▶ **EXERCISE**
From the entries that follow, report every line in which "STEERING" occurs.

▶ **RECORDED DATA**
****************************************
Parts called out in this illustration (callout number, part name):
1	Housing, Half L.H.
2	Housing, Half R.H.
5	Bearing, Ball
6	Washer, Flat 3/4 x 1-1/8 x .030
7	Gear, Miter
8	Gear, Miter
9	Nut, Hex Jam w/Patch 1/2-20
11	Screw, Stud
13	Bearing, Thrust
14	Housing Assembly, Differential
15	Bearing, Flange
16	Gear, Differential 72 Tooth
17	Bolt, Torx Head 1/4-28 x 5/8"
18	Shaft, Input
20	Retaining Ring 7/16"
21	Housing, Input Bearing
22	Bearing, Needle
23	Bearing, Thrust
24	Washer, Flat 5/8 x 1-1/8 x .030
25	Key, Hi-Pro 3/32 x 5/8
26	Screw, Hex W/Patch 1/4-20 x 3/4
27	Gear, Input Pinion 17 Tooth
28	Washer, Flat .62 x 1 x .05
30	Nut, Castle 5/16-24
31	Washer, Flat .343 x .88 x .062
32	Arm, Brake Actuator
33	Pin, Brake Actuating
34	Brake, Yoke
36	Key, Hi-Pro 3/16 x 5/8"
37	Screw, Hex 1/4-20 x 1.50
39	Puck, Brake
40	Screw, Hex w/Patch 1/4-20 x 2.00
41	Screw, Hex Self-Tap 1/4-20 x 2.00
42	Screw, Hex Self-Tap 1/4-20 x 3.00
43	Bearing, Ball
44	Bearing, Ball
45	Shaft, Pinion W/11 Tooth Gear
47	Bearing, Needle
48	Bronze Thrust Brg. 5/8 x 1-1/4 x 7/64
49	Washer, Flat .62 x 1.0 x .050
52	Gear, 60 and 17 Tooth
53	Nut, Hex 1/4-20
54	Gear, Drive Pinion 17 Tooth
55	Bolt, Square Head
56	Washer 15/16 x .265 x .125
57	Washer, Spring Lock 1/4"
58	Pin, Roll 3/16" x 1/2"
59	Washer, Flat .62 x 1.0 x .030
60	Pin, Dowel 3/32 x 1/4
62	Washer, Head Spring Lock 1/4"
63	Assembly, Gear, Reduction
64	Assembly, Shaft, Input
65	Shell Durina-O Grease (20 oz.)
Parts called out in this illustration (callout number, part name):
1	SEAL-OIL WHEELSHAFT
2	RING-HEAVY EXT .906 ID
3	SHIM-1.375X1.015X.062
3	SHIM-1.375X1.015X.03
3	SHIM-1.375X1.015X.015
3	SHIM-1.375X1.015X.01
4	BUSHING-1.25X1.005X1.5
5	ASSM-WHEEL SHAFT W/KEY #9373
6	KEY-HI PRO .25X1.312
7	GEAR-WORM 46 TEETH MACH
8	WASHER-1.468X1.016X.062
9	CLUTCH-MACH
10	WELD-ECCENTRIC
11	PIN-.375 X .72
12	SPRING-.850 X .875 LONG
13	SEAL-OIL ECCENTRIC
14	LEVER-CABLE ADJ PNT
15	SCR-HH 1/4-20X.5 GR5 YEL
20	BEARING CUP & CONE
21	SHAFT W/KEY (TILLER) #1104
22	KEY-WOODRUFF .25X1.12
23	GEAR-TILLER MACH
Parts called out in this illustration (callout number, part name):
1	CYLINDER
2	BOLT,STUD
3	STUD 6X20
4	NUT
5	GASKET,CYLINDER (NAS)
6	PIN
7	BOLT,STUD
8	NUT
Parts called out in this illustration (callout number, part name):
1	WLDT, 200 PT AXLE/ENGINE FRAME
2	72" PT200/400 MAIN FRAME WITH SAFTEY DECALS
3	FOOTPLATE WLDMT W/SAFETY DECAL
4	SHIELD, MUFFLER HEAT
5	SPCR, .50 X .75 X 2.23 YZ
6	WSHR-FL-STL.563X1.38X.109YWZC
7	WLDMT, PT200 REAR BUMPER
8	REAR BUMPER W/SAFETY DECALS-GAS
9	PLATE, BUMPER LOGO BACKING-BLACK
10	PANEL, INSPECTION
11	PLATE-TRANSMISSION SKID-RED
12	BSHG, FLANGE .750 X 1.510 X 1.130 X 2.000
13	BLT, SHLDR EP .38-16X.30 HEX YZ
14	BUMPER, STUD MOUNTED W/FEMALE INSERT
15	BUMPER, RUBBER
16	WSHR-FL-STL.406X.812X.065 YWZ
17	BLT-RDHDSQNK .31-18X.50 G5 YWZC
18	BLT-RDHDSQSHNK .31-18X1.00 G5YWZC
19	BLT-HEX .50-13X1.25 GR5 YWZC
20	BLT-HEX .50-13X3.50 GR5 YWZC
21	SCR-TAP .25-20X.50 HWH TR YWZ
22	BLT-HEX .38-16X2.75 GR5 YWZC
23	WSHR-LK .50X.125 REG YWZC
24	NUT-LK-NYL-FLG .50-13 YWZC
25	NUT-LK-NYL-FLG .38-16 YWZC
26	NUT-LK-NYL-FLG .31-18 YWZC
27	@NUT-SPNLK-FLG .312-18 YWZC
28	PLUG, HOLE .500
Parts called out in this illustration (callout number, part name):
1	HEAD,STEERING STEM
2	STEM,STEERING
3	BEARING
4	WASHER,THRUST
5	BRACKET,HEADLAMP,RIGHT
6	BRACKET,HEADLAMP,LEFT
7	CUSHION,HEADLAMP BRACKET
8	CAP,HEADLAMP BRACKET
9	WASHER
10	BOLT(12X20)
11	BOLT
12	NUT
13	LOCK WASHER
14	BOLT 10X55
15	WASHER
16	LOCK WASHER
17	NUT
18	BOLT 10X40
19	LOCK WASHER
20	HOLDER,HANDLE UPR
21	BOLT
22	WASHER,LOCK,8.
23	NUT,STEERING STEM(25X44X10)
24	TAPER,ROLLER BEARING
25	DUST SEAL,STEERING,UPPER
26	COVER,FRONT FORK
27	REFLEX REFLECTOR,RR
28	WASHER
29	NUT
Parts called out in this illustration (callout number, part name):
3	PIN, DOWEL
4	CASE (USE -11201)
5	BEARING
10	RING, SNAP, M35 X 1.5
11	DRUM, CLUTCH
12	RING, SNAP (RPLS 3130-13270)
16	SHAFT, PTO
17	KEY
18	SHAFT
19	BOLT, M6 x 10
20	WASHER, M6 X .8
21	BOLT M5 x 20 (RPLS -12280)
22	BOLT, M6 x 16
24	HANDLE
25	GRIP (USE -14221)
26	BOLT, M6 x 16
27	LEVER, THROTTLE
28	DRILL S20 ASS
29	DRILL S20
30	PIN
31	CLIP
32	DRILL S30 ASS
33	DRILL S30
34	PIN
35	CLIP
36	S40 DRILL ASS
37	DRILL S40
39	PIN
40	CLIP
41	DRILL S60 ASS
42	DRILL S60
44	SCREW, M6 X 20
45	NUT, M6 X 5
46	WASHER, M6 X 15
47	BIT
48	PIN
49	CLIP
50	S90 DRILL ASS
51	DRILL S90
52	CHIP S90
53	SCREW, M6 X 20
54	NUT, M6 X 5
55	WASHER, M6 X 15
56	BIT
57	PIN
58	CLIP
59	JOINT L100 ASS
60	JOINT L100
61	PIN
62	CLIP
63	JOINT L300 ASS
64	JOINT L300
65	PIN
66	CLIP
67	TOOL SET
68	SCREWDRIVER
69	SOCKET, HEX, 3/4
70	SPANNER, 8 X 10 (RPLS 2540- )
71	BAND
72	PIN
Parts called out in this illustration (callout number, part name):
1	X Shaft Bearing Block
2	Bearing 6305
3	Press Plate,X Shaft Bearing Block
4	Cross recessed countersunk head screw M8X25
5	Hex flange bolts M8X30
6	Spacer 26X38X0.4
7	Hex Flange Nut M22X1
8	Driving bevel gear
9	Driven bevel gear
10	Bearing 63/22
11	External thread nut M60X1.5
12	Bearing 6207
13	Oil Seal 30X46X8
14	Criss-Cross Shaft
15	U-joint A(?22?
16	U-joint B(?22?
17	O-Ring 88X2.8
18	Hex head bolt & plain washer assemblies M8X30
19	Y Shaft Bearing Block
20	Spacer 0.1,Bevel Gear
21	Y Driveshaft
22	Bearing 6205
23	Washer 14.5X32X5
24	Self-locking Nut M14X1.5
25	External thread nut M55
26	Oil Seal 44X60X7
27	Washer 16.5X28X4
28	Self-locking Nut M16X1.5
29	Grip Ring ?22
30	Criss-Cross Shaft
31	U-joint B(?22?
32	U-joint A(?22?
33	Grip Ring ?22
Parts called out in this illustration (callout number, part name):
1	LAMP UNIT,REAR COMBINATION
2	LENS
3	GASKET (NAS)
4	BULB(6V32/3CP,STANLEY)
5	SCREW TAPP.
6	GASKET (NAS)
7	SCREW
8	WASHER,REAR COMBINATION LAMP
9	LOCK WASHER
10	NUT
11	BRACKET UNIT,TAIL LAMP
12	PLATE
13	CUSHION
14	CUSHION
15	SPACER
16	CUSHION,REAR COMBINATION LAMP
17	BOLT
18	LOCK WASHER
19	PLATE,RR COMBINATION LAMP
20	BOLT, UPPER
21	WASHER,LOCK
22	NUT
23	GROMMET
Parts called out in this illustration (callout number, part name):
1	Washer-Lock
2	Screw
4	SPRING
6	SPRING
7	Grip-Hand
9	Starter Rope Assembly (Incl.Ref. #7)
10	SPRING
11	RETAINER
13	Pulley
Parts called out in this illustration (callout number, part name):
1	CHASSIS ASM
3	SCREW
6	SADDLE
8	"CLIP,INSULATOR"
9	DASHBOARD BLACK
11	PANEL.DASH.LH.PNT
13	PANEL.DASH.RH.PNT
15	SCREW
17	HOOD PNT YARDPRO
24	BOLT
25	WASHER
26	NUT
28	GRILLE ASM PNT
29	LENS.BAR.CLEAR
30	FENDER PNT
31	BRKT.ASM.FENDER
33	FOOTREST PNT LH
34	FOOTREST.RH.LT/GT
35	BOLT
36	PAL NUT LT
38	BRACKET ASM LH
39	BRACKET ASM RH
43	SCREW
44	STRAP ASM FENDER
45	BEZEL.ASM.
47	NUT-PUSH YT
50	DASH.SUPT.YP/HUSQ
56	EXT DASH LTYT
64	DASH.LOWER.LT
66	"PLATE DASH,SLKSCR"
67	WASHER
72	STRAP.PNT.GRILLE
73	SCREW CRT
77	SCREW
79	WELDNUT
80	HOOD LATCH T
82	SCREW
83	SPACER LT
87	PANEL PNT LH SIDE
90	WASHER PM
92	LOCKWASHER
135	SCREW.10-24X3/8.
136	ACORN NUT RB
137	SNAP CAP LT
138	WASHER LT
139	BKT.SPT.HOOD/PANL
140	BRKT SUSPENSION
****************************************
▶ **COMPLETED EXERCISE**
1	HEAD,STEERING STEM
2	STEM,STEERING
23	NUT,STEERING STEM(25X44X10)
25	DUST SEAL,STEERING,UPPER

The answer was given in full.